Aim of the exercise => Once you reach the line with "Vendor drawing. Full", copy it and every line after it exactly, up to the end of the data. Omit the pictures.

***

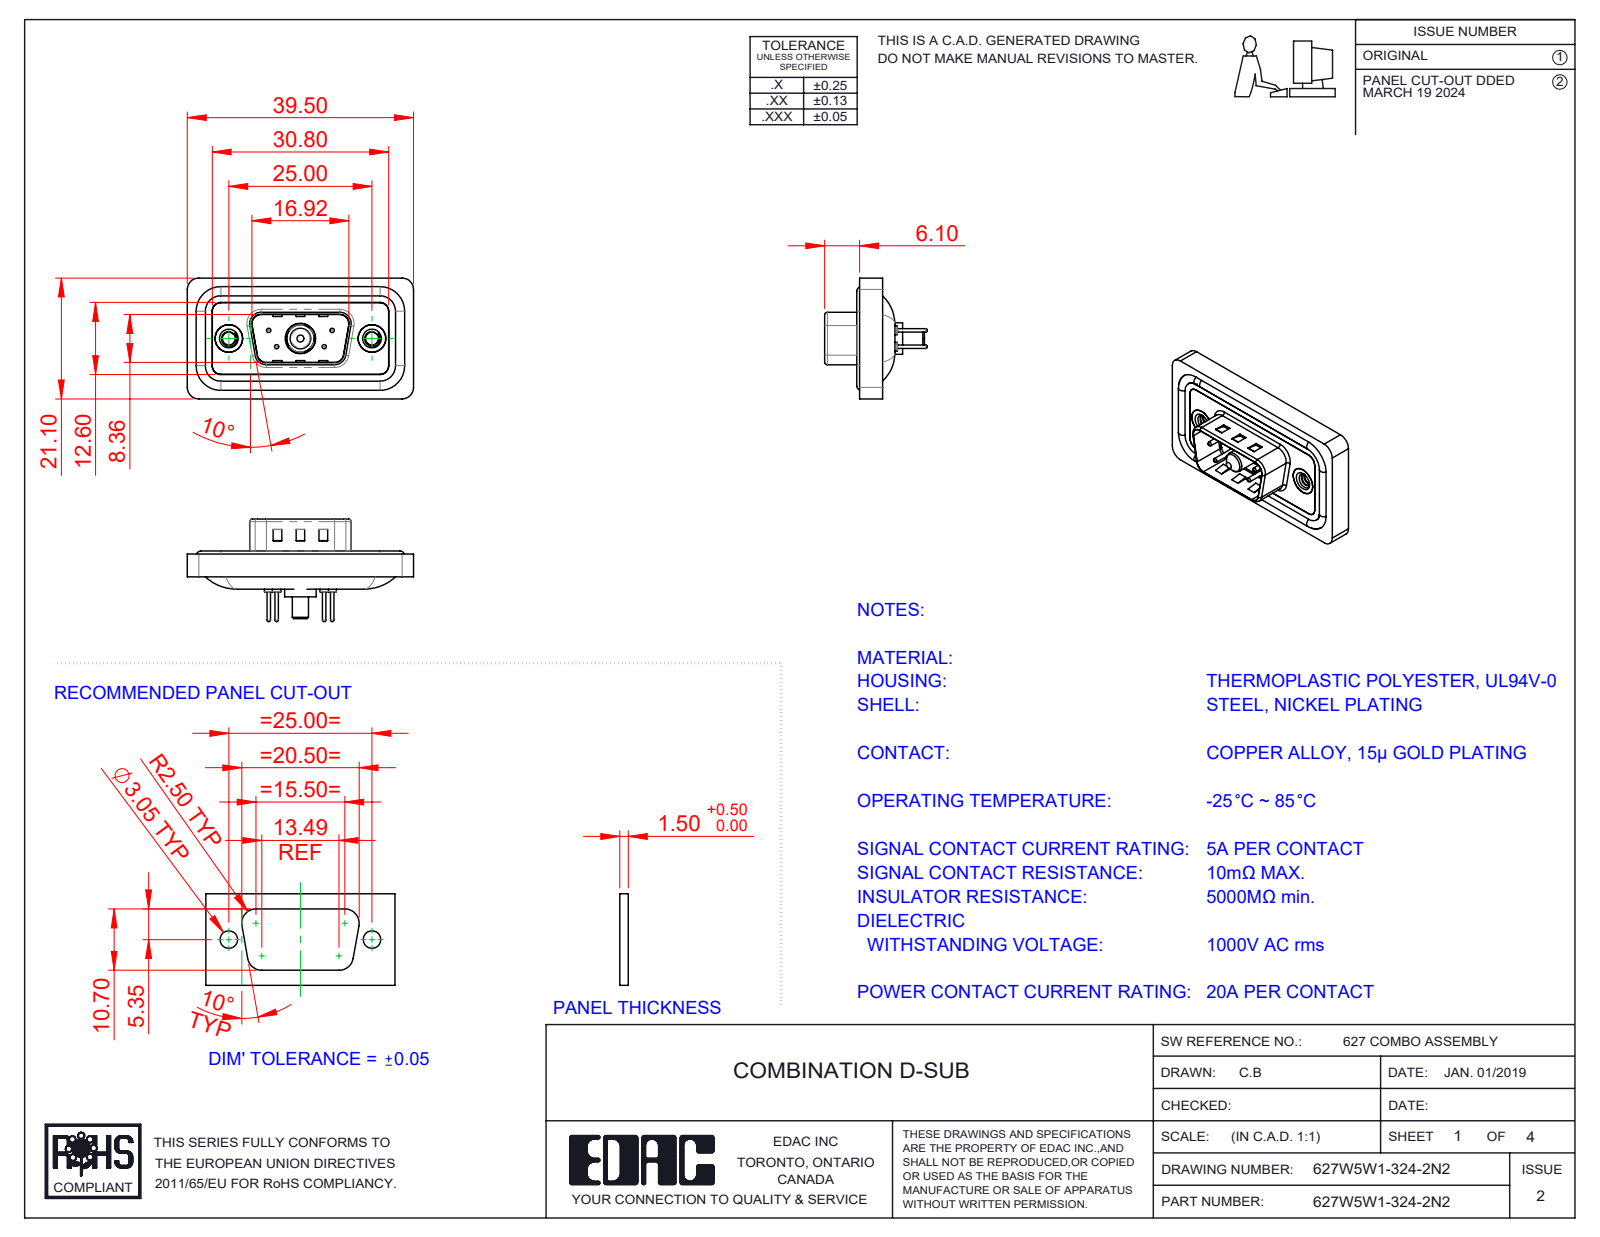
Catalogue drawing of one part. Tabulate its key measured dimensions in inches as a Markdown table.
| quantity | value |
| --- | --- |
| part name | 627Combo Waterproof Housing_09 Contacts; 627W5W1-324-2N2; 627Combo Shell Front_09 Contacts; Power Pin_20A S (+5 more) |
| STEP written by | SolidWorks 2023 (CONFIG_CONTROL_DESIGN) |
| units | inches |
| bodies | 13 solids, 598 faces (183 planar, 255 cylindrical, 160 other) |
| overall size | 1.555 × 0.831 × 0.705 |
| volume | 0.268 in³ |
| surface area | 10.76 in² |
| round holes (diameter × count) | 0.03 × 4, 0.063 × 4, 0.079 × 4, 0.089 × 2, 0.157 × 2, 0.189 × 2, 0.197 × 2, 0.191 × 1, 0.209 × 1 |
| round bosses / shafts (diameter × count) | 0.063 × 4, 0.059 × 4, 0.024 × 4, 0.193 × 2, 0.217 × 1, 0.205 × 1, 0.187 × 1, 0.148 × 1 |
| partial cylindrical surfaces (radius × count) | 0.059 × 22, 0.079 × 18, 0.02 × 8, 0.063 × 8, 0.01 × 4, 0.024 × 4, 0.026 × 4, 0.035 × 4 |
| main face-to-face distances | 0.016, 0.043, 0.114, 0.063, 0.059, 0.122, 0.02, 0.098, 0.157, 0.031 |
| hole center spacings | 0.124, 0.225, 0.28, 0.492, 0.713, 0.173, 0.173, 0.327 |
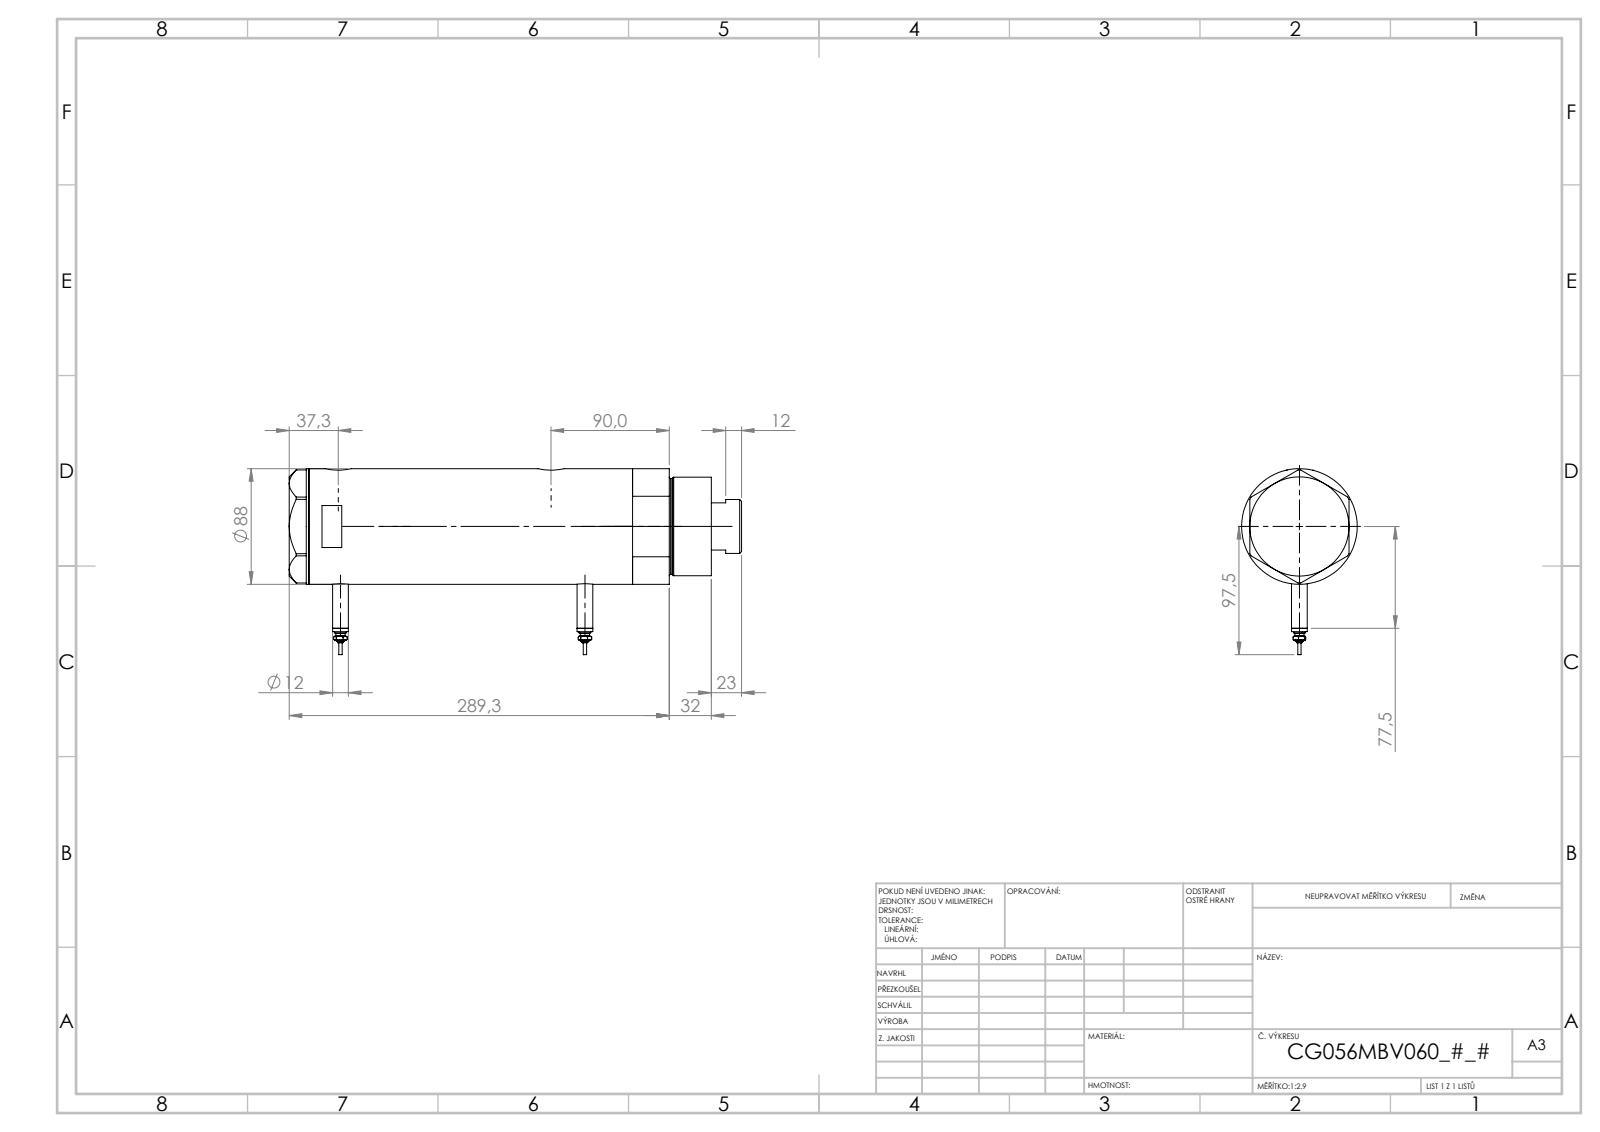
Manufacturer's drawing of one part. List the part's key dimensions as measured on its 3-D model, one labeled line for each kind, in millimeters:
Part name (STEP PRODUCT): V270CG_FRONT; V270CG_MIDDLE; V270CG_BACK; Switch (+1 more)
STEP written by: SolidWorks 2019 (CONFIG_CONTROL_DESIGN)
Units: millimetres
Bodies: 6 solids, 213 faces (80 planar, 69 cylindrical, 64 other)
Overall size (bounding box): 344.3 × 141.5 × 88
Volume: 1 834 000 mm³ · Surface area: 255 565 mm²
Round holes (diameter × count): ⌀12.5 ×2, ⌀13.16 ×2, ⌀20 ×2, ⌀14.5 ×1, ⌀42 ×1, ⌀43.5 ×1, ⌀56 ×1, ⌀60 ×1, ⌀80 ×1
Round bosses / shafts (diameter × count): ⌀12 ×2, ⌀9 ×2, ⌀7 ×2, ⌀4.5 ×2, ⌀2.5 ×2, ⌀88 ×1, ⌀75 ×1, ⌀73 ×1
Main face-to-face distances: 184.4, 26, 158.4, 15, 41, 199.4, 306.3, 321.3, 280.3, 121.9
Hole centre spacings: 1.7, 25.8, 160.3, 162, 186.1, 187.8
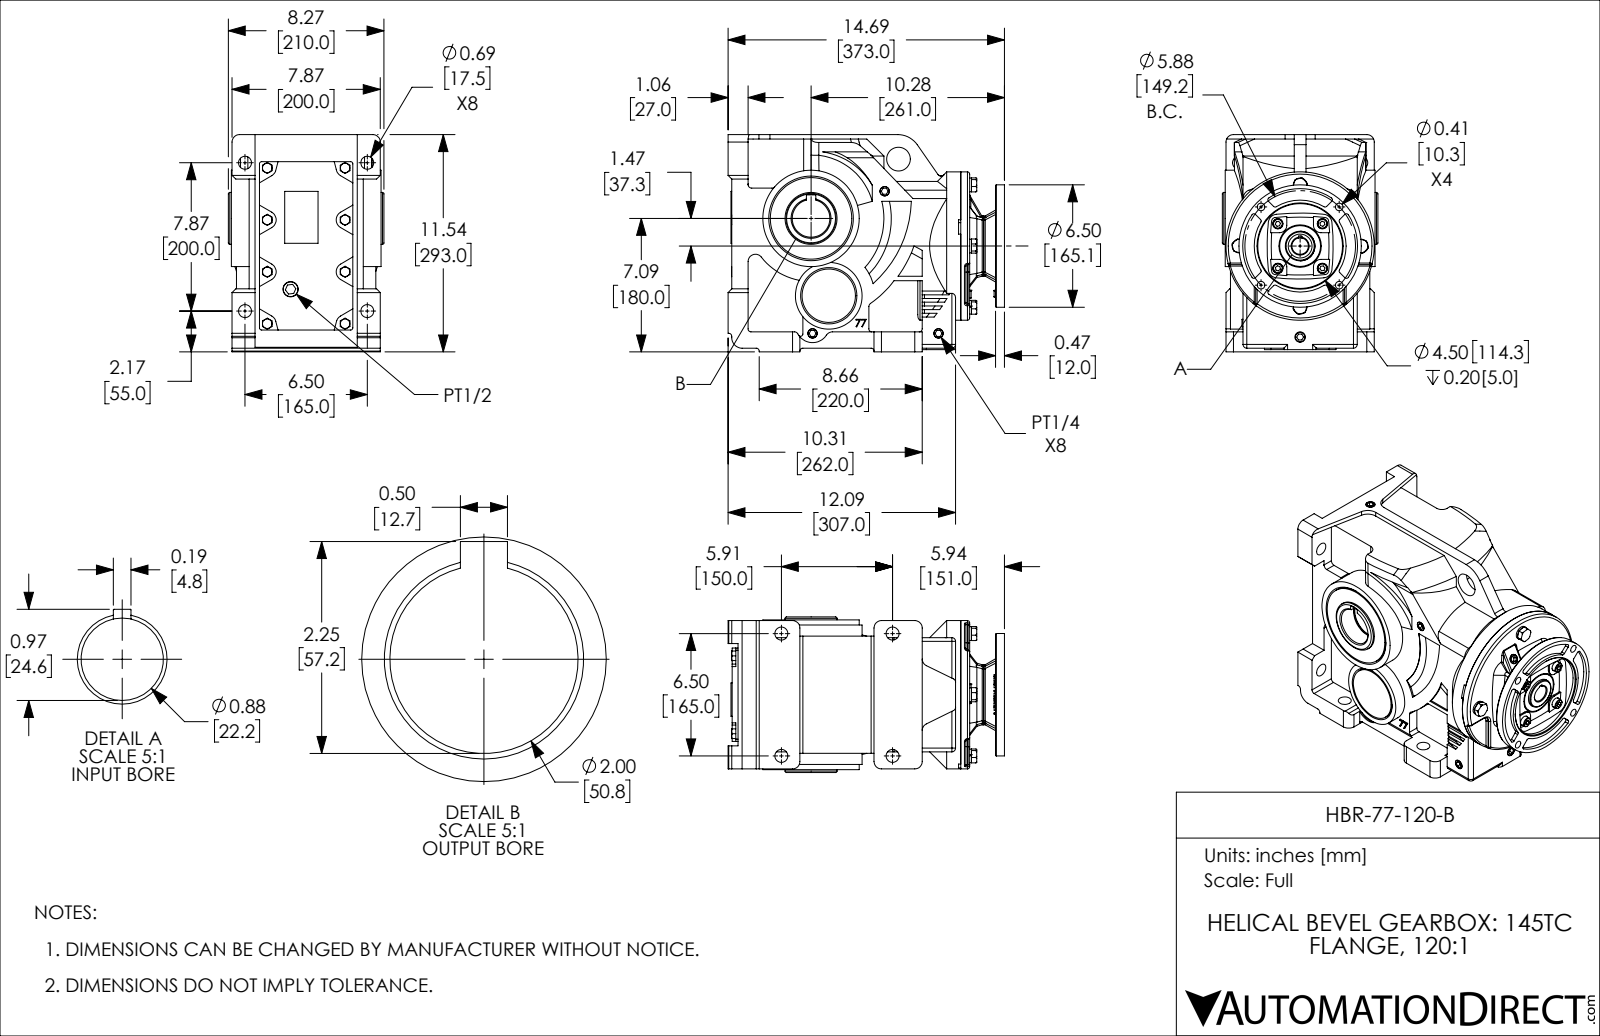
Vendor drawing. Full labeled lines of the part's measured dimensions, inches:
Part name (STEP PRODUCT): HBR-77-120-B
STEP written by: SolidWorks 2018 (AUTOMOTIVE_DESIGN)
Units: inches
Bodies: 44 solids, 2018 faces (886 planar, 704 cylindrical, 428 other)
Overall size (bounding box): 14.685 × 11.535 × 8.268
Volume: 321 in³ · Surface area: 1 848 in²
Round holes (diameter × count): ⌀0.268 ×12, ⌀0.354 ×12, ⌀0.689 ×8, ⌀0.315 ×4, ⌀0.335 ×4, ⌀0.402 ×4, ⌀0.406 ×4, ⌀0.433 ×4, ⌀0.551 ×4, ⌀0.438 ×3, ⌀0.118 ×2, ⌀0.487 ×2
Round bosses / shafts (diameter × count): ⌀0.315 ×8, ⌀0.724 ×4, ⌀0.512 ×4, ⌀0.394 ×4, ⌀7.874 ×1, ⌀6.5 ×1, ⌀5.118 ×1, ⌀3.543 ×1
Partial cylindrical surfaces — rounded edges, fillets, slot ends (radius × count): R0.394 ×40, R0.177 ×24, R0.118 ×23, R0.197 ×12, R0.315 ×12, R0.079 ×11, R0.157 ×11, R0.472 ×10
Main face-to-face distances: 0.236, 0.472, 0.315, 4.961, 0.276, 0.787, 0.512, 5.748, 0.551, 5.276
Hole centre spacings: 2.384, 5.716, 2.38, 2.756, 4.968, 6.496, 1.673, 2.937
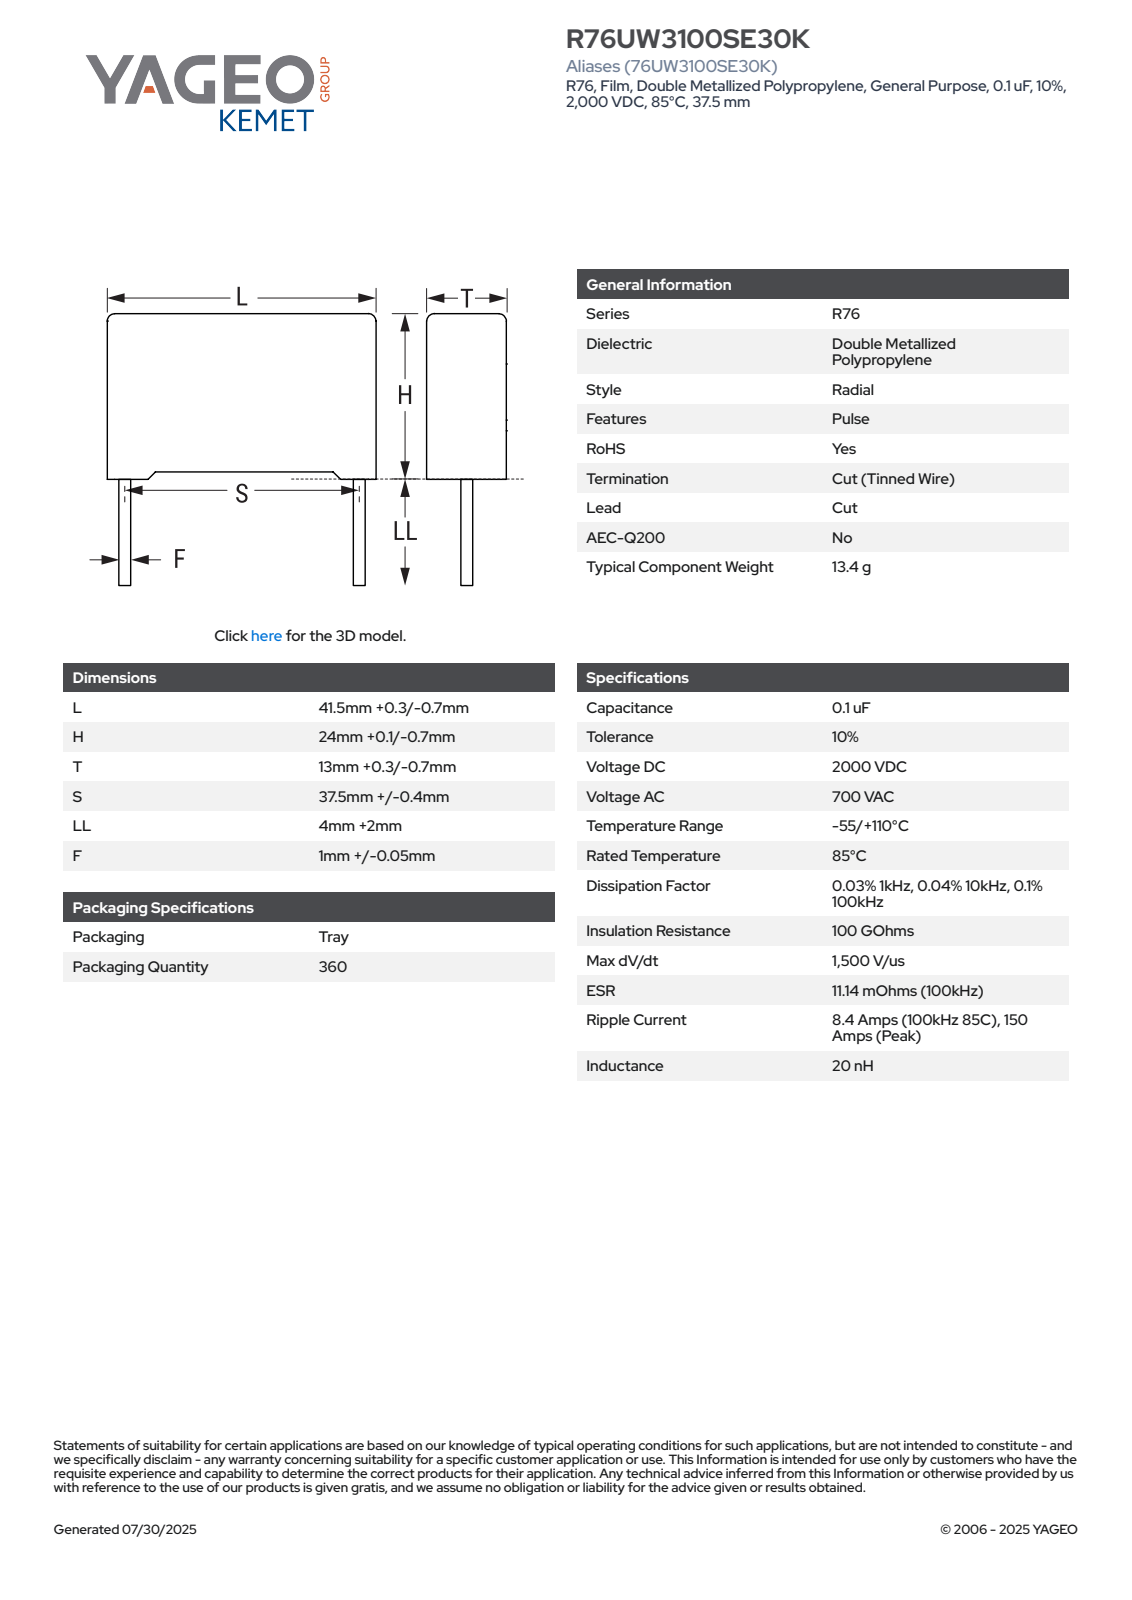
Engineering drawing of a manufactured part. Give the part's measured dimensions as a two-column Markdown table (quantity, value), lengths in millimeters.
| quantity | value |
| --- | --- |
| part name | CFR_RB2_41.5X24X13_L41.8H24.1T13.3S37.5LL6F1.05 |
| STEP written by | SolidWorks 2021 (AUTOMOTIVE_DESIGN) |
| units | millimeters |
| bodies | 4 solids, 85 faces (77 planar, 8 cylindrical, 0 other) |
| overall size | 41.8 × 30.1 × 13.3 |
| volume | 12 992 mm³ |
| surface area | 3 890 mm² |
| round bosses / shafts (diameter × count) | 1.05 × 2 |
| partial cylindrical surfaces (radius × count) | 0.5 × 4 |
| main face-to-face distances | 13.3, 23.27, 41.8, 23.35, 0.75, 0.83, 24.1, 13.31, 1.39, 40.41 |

***

Answer section =>
Vendor drawing. Full labeled lines of the part's measured dimensions, inches:
Part name (STEP PRODUCT): HBR-77-120-B
STEP written by: SolidWorks 2018 (AUTOMOTIVE_DESIGN)
Units: inches
Bodies: 44 solids, 2018 faces (886 planar, 704 cylindrical, 428 other)
Overall size (bounding box): 14.685 × 11.535 × 8.268
Volume: 321 in³ · Surface area: 1 848 in²
Round holes (diameter × count): ⌀0.268 ×12, ⌀0.354 ×12, ⌀0.689 ×8, ⌀0.315 ×4, ⌀0.335 ×4, ⌀0.402 ×4, ⌀0.406 ×4, ⌀0.433 ×4, ⌀0.551 ×4, ⌀0.438 ×3, ⌀0.118 ×2, ⌀0.487 ×2
Round bosses / shafts (diameter × count): ⌀0.315 ×8, ⌀0.724 ×4, ⌀0.512 ×4, ⌀0.394 ×4, ⌀7.874 ×1, ⌀6.5 ×1, ⌀5.118 ×1, ⌀3.543 ×1
Partial cylindrical surfaces — rounded edges, fillets, slot ends (radius × count): R0.394 ×40, R0.177 ×24, R0.118 ×23, R0.197 ×12, R0.315 ×12, R0.079 ×11, R0.157 ×11, R0.472 ×10
Main face-to-face distances: 0.236, 0.472, 0.315, 4.961, 0.276, 0.787, 0.512, 5.748, 0.551, 5.276
Hole centre spacings: 2.384, 5.716, 2.38, 2.756, 4.968, 6.496, 1.673, 2.937
Engineering drawing of a manufactured part. Give the part's measured dimensions as a two-column Markdown table (quantity, value), lengths in millimeters.
| quantity | value |
| --- | --- |
| part name | CFR_RB2_41.5X24X13_L41.8H24.1T13.3S37.5LL6F1.05 |
| STEP written by | SolidWorks 2021 (AUTOMOTIVE_DESIGN) |
| units | millimeters |
| bodies | 4 solids, 85 faces (77 planar, 8 cylindrical, 0 other) |
| overall size | 41.8 × 30.1 × 13.3 |
| volume | 12 992 mm³ |
| surface area | 3 890 mm² |
| round bosses / shafts (diameter × count) | 1.05 × 2 |
| partial cylindrical surfaces (radius × count) | 0.5 × 4 |
| main face-to-face distances | 13.3, 23.27, 41.8, 23.35, 0.75, 0.83, 24.1, 13.31, 1.39, 40.41 |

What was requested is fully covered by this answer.